従量課金制(Flex PayGo)は、応答時間の遅延やスロットリングの増加を許容できる重要度の低いワークロードで Gemini モデルにアクセスするための費用対効果の高いオプションです。Flex PayGo は、Standard PayGo と比較して 50% の割引を提供します。
Flex PayGo を使用する場合
Flex PayGo は、同期型でレイテンシに寛容な、時間的制約のない非クリティカルなタスクに最適です。ユースケースの例を以下に示します。
テキスト、ドキュメント、画像、音声ファイル、動画ファイルのオフライン分析
モデルの品質の評価
データのアノテーションとラベル付け
ドキュメント翻訳
商品カタログを構築する
サポートされているモデルと場所
次のプレビュー版の Gemini モデルは、global エンドポイントでのみ Flex PayGo をサポートしています。Flex PayGo は、リージョン エンドポイントまたはマルチリージョン エンドポイントをサポートしていません。
Flex PayGo を使用する
Flex PayGo を使用して Gemini API にリクエストを送信するには、リクエストに X-Vertex-AI-LLM-Shared-Request-Type ヘッダーを含める必要があります。Flex PayGo は次の 2 つの方法で使用できます。

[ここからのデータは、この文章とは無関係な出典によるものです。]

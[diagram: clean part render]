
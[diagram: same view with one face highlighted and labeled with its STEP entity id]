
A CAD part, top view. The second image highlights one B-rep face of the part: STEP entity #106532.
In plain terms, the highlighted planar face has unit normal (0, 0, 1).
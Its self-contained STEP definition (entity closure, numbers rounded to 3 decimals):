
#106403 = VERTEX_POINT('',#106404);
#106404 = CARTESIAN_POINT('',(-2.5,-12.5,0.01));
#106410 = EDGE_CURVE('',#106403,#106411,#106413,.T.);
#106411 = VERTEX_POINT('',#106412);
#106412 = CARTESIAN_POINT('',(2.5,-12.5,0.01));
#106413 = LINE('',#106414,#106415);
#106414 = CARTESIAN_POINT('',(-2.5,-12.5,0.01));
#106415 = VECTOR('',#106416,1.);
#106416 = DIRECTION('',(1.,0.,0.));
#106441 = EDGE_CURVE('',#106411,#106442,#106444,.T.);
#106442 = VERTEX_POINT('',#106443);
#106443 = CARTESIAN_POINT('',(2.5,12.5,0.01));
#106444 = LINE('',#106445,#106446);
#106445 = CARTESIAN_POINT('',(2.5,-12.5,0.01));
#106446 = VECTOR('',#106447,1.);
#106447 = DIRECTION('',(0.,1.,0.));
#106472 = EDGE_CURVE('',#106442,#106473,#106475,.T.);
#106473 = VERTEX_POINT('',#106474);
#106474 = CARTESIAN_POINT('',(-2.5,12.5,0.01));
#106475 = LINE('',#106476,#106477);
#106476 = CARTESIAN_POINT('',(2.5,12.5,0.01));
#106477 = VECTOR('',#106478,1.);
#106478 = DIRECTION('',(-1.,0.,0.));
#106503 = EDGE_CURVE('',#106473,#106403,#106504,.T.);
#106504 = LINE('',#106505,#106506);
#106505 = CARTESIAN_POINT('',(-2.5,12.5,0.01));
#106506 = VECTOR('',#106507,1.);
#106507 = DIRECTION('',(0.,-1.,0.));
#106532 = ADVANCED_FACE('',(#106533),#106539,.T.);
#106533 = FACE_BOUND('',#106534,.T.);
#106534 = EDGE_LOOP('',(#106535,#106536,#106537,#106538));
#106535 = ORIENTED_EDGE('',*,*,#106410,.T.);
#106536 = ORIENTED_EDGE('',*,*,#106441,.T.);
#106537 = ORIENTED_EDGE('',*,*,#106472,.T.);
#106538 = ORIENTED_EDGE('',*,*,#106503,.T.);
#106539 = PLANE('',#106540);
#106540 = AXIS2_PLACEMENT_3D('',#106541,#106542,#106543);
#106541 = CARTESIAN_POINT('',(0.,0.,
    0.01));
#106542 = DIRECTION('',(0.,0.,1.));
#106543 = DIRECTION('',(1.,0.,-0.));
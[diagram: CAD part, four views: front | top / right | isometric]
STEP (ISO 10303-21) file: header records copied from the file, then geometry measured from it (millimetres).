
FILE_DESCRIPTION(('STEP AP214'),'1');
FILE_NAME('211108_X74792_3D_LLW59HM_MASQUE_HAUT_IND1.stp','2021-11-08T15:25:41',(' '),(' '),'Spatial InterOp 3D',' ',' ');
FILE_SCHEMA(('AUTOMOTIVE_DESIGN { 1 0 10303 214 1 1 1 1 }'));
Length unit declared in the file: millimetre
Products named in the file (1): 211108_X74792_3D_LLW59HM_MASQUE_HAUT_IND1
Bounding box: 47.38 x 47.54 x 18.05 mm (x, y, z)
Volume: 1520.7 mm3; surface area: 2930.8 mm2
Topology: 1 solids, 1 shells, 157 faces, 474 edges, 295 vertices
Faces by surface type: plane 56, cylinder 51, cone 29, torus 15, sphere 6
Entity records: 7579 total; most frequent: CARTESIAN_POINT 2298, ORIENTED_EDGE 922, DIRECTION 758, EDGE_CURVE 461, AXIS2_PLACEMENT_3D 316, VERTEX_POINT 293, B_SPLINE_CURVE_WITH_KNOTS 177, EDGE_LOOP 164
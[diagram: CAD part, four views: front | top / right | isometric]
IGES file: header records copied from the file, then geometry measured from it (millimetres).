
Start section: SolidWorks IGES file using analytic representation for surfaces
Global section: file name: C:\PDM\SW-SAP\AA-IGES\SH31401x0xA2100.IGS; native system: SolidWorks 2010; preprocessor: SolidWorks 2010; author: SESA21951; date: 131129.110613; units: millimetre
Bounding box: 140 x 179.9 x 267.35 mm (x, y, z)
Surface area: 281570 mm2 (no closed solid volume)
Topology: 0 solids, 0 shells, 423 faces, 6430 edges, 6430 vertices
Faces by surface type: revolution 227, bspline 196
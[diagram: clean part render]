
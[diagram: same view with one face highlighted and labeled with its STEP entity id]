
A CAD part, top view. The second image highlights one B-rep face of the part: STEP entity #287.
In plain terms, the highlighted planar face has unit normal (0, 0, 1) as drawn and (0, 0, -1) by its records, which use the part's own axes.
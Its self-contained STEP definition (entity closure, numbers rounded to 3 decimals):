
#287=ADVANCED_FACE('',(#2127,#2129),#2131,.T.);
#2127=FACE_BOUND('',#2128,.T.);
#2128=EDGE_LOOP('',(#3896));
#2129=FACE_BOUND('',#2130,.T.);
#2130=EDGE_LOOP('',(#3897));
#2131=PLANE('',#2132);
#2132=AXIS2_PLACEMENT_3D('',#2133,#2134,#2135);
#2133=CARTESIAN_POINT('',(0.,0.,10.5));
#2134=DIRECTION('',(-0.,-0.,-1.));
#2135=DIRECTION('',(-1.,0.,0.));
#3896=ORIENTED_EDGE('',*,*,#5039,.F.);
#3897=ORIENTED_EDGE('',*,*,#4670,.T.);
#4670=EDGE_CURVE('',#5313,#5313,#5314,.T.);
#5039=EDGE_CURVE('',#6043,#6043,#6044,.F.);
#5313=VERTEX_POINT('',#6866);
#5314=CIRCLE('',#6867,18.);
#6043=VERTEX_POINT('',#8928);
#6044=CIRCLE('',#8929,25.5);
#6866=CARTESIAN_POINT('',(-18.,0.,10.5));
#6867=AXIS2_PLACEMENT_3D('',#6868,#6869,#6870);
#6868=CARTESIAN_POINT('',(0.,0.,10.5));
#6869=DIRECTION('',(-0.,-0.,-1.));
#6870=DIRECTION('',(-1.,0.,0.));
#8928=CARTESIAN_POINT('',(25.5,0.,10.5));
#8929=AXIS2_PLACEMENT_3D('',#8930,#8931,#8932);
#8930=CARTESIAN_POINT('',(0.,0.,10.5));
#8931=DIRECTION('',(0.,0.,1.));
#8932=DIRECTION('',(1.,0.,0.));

プロビジョンド スループットの割り当て(利用可能な場合)を使用してから、Flex PayGo を使用します。
Flex PayGo のみを使用します。
Flex PayGo を使用するリクエストは、Standard PayGo よりもレイテンシが長くなります。デフォルトのタイムアウトは 20 分です。timeout パラメータを使用して(ミリ秒単位で)オーバーライドできます。最大許容値は 30 分です。
プロビジョンド スループットをデフォルトで使用しながら Flex PayGo を使用する
Flex PayGo を使用する前に使用可能なプロビジョニングされたスループットの割り当てを利用するには、次の例に示すように、リクエストにヘッダー X-Vertex-AI-LLM-Shared-Request-Type: flex を含めます。
Python
インストール
pip install --upgrade google-genai
詳しくは、SDK リファレンス ドキュメントをご覧ください。
Vertex AI で Gen AI SDK を使用するための環境変数を設定します。
# Replace the `GOOGLE_CLOUD_PROJECT` and `GOOGLE_CLOUD_LOCATION` values # with appropriate values for your project. export GOOGLE_CLOUD_PROJECT=GOOGLE_CLOUD_PROJECT export GOOGLE_CLOUD_LOCATION=global export GOOGLE_GENAI_USE_VERTEXAI=True
Flex PayGo を使用するように生成 AI クライアントを初期化します。この手順を完了すると、同じクライアントで Flex PayGo を使用して Gemini API とやり取りするために、コードをさらに調整する必要はありません。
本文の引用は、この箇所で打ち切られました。